Liera vs Igor Paiva

We drilled passing this past saturday at comp class. I am putting a couple of videos of Liera Jr.'s matches up because they highlight the basic strategies we covered.

A few things I'd like you to note:

1) he is patiently persistent. This is a big message I am always trying to get across on our mat. Where a lot of people miss it in Jiu Jitsu is that they think good Jiu Jitsu is aggressive, meaning domineering via forceful execution. There are a few times that Liera does dive on things, however that is either because a) he see's a large opening, or b) masters of varying tempo can utilize the full spectrum of execution speed. If I lull you into one rhythm and then suddenly downshift and accelerate, I can complete the move. Note though that at least 98% of his movement, (particularly his passing), is simply patiently persistent. Which leads to point #2....


2) he is almost always moving. 100% of the time he is "reading" his partner and trying to make it difficult his partner to read his movement. A big part of Jiu Jitsu is just that; who can read the other player better. Look at two great example in our academy.

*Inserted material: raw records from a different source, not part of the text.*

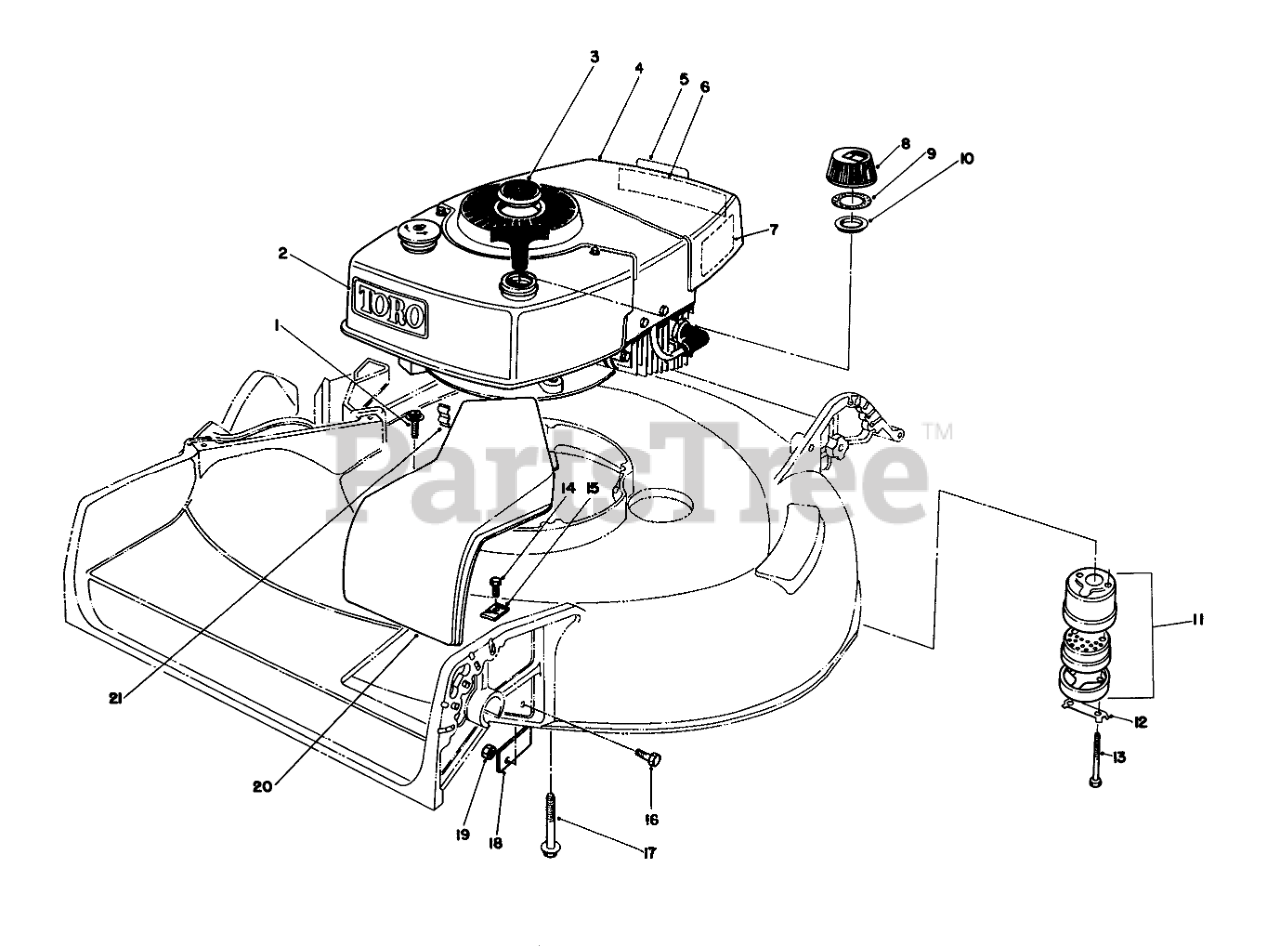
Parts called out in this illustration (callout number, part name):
1	SCREW
2	Decal Tow
3	Plug Button
5	DECAL-PRIMER
6	Decal Maintenance
7	Decal-Maintenance
8	Gas Cap Assembly (Incl. Ref. #9 & 10)
9	GASKET
10	GAS CAP BAFFLE
11	Muffler (Incl. Ref. #13 & 14)
12	CLIP - LOCKING
13	SCREW-HH
14	SCREW-HWHTF
15	Cable Clamp
16	SCREW-HH
17	3/8-16 X 2-3/4 CAPSCR
18	Shield Front
19	NUT-LOCK, NI
20	Cow-Belt
21	Clip Conduit
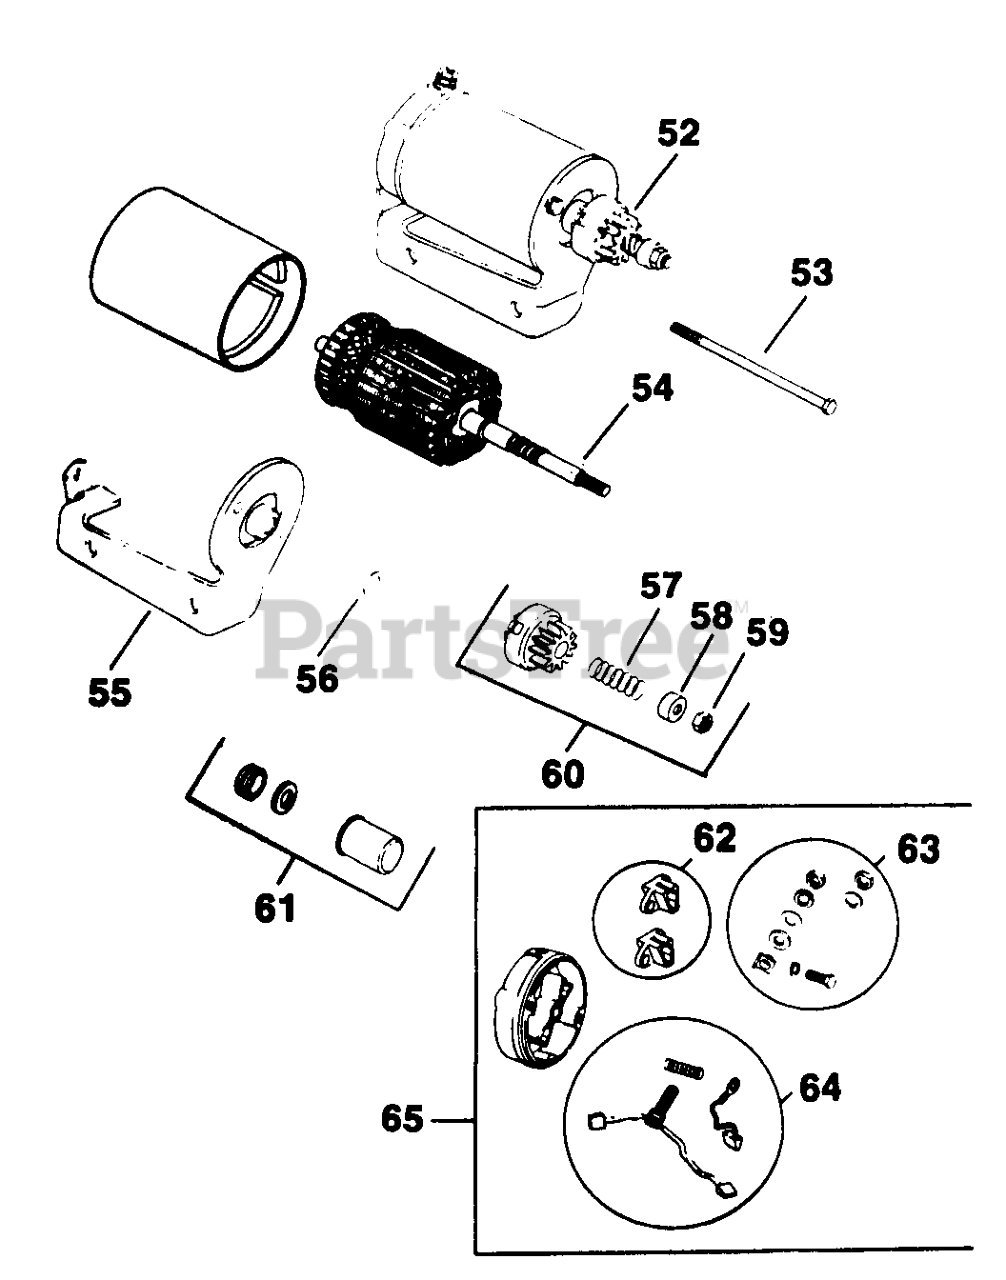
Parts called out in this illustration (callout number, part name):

I've said before that my primary training partner as a white belt was 125 lbs. By the time I got to blue belt I could hang with all the big guy blues, not because I used a pressure game, (easy to learn), but I used a tempo game, (hard to learn). My friend was forced to learn the tempo game. Because I was a good training partner, I got to learn the tempo game.

What drives me nuts is when people who have minimal Jiu Jitsu experience think that competition training is just beating the shit out of each other. That is easy to learn. Learning tempo, timing, and good technique is hard. You can't add more horsepower to shitty Jiu Jitsu and then magically turn it into good Jiu Jitsu. It's still just shitty Jiu Jitsu. As an aside, that is where the self defense nuts drive me crazy. You can't add aggression to horrific technique and then expect that to magically transform into martial skill that allows you to defeat someone 100lbs heavier than you.

Next tempo example; Ji in a gi. He would be too shy to say it, but he is a master of tempo. He trains it everyday. Note that above I said masters of varying tempo can utilize the full spectrum of execution speed. If I lull you into one rhythm and then suddenly downshift and accelerate, I can complete the move. Often times new students focus on that end of the spectrum. That doesn't make them spazs, it means they are uneducated and it is an opportunity for us to show them a better way.

Being a master of tempo, Ji will lull you into a tempo and then. just. stop. moving. He will freeze and do nothing. While just a moment ago his partner was trying to read him and figure out what he is doing, he will slightly disengage and then freeze. That gives him the opportunity to keep reading his partner. He can then choose to pursue an opening he sees or just go back to moving. Either way it gives his partner one move thing to think about which is kind of the goal. You can overwhelm your partner with analysis paralysis much more effectively than you can by blindly using aggression.

Remember, the goal is to get a better position than your partner. I can forcibly move you, or I can trick you into moving to the bad position for me. One of those you can still do when you're old, sick, etc.